• INFORMATION SHOWN:
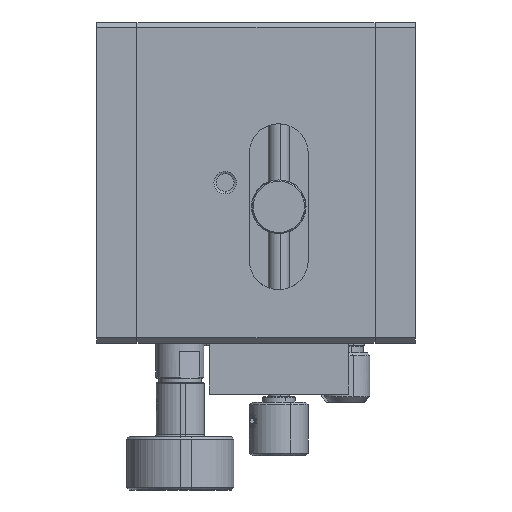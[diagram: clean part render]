
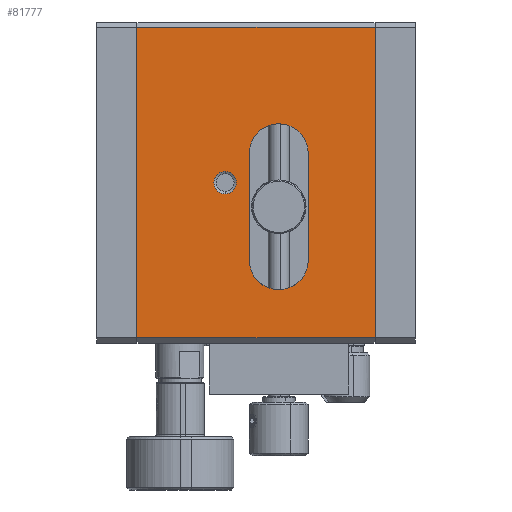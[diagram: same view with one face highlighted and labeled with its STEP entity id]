
A CAD part, left-side view. The second image highlights one B-rep face of the part: STEP entity #81777.
In plain terms, the highlighted planar face has unit normal (-1, 0, 0).
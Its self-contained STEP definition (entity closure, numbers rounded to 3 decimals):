
#2689 = ORIENTED_EDGE ( 'NONE', *, *, #84759, .F. ) ;
#2883 = DIRECTION ( 'NONE',  ( 0., -1., 0. ) ) ;
#3866 = ORIENTED_EDGE ( 'NONE', *, *, #81914, .F. ) ;
#4054 = DIRECTION ( 'NONE',  ( -1., 0., 0. ) ) ;
#4484 = CARTESIAN_POINT ( 'NONE',  ( -60., 52., -1. ) ) ;
#4707 = CARTESIAN_POINT ( 'NONE',  ( -60., 52., -1. ) ) ;
#6757 = LINE ( 'NONE', #105305, #117172 ) ;
#7148 = CIRCLE ( 'NONE', #62500, 5.5 ) ;
#7192 = EDGE_CURVE ( 'NONE', #57981, #50260, #12206, .T. ) ;
#10439 = VERTEX_POINT ( 'NONE', #4707 ) ;
#10659 = DIRECTION ( 'NONE',  ( 0., -1., 0. ) ) ;
#11646 = ORIENTED_EDGE ( 'NONE', *, *, #27729, .T. ) ;
#12206 = LINE ( 'NONE', #94012, #45724 ) ;
#13168 = CARTESIAN_POINT ( 'NONE',  ( -60., 31., -24.5 ) ) ;
#13966 = DIRECTION ( 'NONE',  ( 0., 0., -1. ) ) ;
#14033 = DIRECTION ( 'NONE',  ( 1., 0., 0. ) ) ;
#15806 = LINE ( 'NONE', #43308, #16020 ) ;
#16020 = VECTOR ( 'NONE', #70769, 1000. ) ;
#16306 = DIRECTION ( 'NONE',  ( 0., 0., -1. ) ) ;
#16380 = VERTEX_POINT ( 'NONE', #107931 ) ;
#20794 = EDGE_CURVE ( 'NONE', #67907, #39405, #7148, .T. ) ;
#22059 = DIRECTION ( 'NONE',  ( 0., 0., 1. ) ) ;
#24435 = DIRECTION ( 'NONE',  ( 0., 0., 1. ) ) ;
#25368 = FACE_BOUND ( 'NONE', #74649, .T. ) ;
#25429 = VERTEX_POINT ( 'NONE', #60479 ) ;
#26028 = DIRECTION ( 'NONE',  ( -1., 0., 0. ) ) ;
#27465 = AXIS2_PLACEMENT_3D ( 'NONE', #116114, #14033, #88672 ) ;
#27729 = EDGE_CURVE ( 'NONE', #10439, #68863, #6757, .T. ) ;
#30216 = CARTESIAN_POINT ( 'NONE',  ( -60., 31., -44.5 ) ) ;
#32358 = VECTOR ( 'NONE', #24435, 1000. ) ;
#33768 = DIRECTION ( 'NONE',  ( 0., 1., 0. ) ) ;
#35101 = ORIENTED_EDGE ( 'NONE', *, *, #20794, .F. ) ;
#35676 = ORIENTED_EDGE ( 'NONE', *, *, #68266, .T. ) ;
#39139 = ORIENTED_EDGE ( 'NONE', *, *, #57792, .F. ) ;
#39405 = VERTEX_POINT ( 'NONE', #117748 ) ;
#40958 = LINE ( 'NONE', #4484, #111381 ) ;
#41125 = ORIENTED_EDGE ( 'NONE', *, *, #108420, .F. ) ;
#42208 = CARTESIAN_POINT ( 'NONE',  ( -60., 7.5, -59. ) ) ;
#43308 = CARTESIAN_POINT ( 'NONE',  ( -60., 31., -44.5 ) ) ;
#43423 = ORIENTED_EDGE ( 'NONE', *, *, #61829, .F. ) ;
#43965 = CARTESIAN_POINT ( 'NONE',  ( -60., 35.5, -30. ) ) ;
#45365 = CARTESIAN_POINT ( 'NONE',  ( -60., 25.5, -44.5 ) ) ;
#45724 = VECTOR ( 'NONE', #13966, 1000. ) ;
#48330 = AXIS2_PLACEMENT_3D ( 'NONE', #76344, #4054, #2883 ) ;
#49534 = CARTESIAN_POINT ( 'NONE',  ( -60., 35.5, -30. ) ) ;
#50260 = VERTEX_POINT ( 'NONE', #42208 ) ;
#50473 = DIRECTION ( 'NONE',  ( 0., -1., 0. ) ) ;
#57792 = EDGE_CURVE ( 'NONE', #39405, #16380, #78768, .T. ) ;
#57981 = VERTEX_POINT ( 'NONE', #105625 ) ;
#60029 = CARTESIAN_POINT ( 'NONE',  ( -60., 7.5, -59. ) ) ;
#60479 = CARTESIAN_POINT ( 'NONE',  ( -60., 35.5, -32.1 ) ) ;
#60637 = EDGE_LOOP ( 'NONE', ( #41125, #43423 ) ) ;
#61829 = EDGE_CURVE ( 'NONE', #25429, #72395, #85953, .T. ) ;
#61874 = DIRECTION ( 'NONE',  ( 0., 0., 1. ) ) ;
#62500 = AXIS2_PLACEMENT_3D ( 'NONE', #45365, #117580, #10659 ) ;
#67907 = VERTEX_POINT ( 'NONE', #30216 ) ;
#68266 = EDGE_CURVE ( 'NONE', #68863, #50260, #78529, .T. ) ;
#68863 = VERTEX_POINT ( 'NONE', #100266 ) ;
#69616 = CARTESIAN_POINT ( 'NONE',  ( -60., 35.5, -27.9 ) ) ;
#70769 = DIRECTION ( 'NONE',  ( 0., 0., -1. ) ) ;
#72395 = VERTEX_POINT ( 'NONE', #69616 ) ;
#74649 = EDGE_LOOP ( 'NONE', ( #39139, #35101, #3866, #2689 ) ) ;
#76344 = CARTESIAN_POINT ( 'NONE',  ( -60., 25.5, -24.5 ) ) ;
#78529 = LINE ( 'NONE', #60029, #106808 ) ;
#78536 = FACE_OUTER_BOUND ( 'NONE', #86688, .T. ) ;
#78768 = LINE ( 'NONE', #107403, #32358 ) ;
#80454 = VERTEX_POINT ( 'NONE', #13168 ) ;
#81777 = ADVANCED_FACE ( 'NONE', ( #87503, #25368, #78536 ), #86905, .F. ) ;
#81914 = EDGE_CURVE ( 'NONE', #80454, #67907, #15806, .T. ) ;
#82539 = EDGE_CURVE ( 'NONE', #57981, #10439, #40958, .T. ) ;
#84759 = EDGE_CURVE ( 'NONE', #16380, #80454, #115299, .T. ) ;
#85953 = CIRCLE ( 'NONE', #101198, 2.1 ) ;
#86688 = EDGE_LOOP ( 'NONE', ( #108431, #106654, #11646, #35676 ) ) ;
#86905 = PLANE ( 'NONE',  #27465 ) ;
#87503 = FACE_BOUND ( 'NONE', #60637, .T. ) ;
#88672 = DIRECTION ( 'NONE',  ( 0., 1., 0. ) ) ;
#93048 = AXIS2_PLACEMENT_3D ( 'NONE', #43965, #26028, #61874 ) ;
#94012 = CARTESIAN_POINT ( 'NONE',  ( -60., 7.5, 0. ) ) ;
#100266 = CARTESIAN_POINT ( 'NONE',  ( -60., 52., -59. ) ) ;
#101198 = AXIS2_PLACEMENT_3D ( 'NONE', #49534, #103848, #22059 ) ;
#103848 = DIRECTION ( 'NONE',  ( -1., 0., 0. ) ) ;
#105305 = CARTESIAN_POINT ( 'NONE',  ( -60., 52., 0. ) ) ;
#105625 = CARTESIAN_POINT ( 'NONE',  ( -60., 7.5, -1. ) ) ;
#106654 = ORIENTED_EDGE ( 'NONE', *, *, #82539, .T. ) ;
#106808 = VECTOR ( 'NONE', #50473, 1000. ) ;
#107403 = CARTESIAN_POINT ( 'NONE',  ( -60., 20., -44.5 ) ) ;
#107931 = CARTESIAN_POINT ( 'NONE',  ( -60., 20., -24.5 ) ) ;
#108301 = CIRCLE ( 'NONE', #93048, 2.1 ) ;
#108420 = EDGE_CURVE ( 'NONE', #72395, #25429, #108301, .T. ) ;
#108431 = ORIENTED_EDGE ( 'NONE', *, *, #7192, .F. ) ;
#111381 = VECTOR ( 'NONE', #33768, 1000. ) ;
#115299 = CIRCLE ( 'NONE', #48330, 5.5 ) ;
#116114 = CARTESIAN_POINT ( 'NONE',  ( -60., 52., 0. ) ) ;
#117172 = VECTOR ( 'NONE', #16306, 1000. ) ;
#117580 = DIRECTION ( 'NONE',  ( -1., 0., 0. ) ) ;
#117748 = CARTESIAN_POINT ( 'NONE',  ( -60., 20., -44.5 ) ) ;

• ACTIVITY: Exact duplication is required for the lines above, from the line that contains "#16306 = DIRECTION" to the line that contains "#30216 = CARTESIAN_POINT", inclusive; omit all others.

• REPLY:
#16306 = DIRECTION ( 'NONE',  ( 0., 0., -1. ) ) ;
#16380 = VERTEX_POINT ( 'NONE', #107931 ) ;
#20794 = EDGE_CURVE ( 'NONE', #67907, #39405, #7148, .T. ) ;
#22059 = DIRECTION ( 'NONE',  ( 0., 0., 1. ) ) ;
#24435 = DIRECTION ( 'NONE',  ( 0., 0., 1. ) ) ;
#25368 = FACE_BOUND ( 'NONE', #74649, .T. ) ;
#25429 = VERTEX_POINT ( 'NONE', #60479 ) ;
#26028 = DIRECTION ( 'NONE',  ( -1., 0., 0. ) ) ;
#27465 = AXIS2_PLACEMENT_3D ( 'NONE', #116114, #14033, #88672 ) ;
#27729 = EDGE_CURVE ( 'NONE', #10439, #68863, #6757, .T. ) ;
#30216 = CARTESIAN_POINT ( 'NONE',  ( -60., 31., -44.5 ) ) ;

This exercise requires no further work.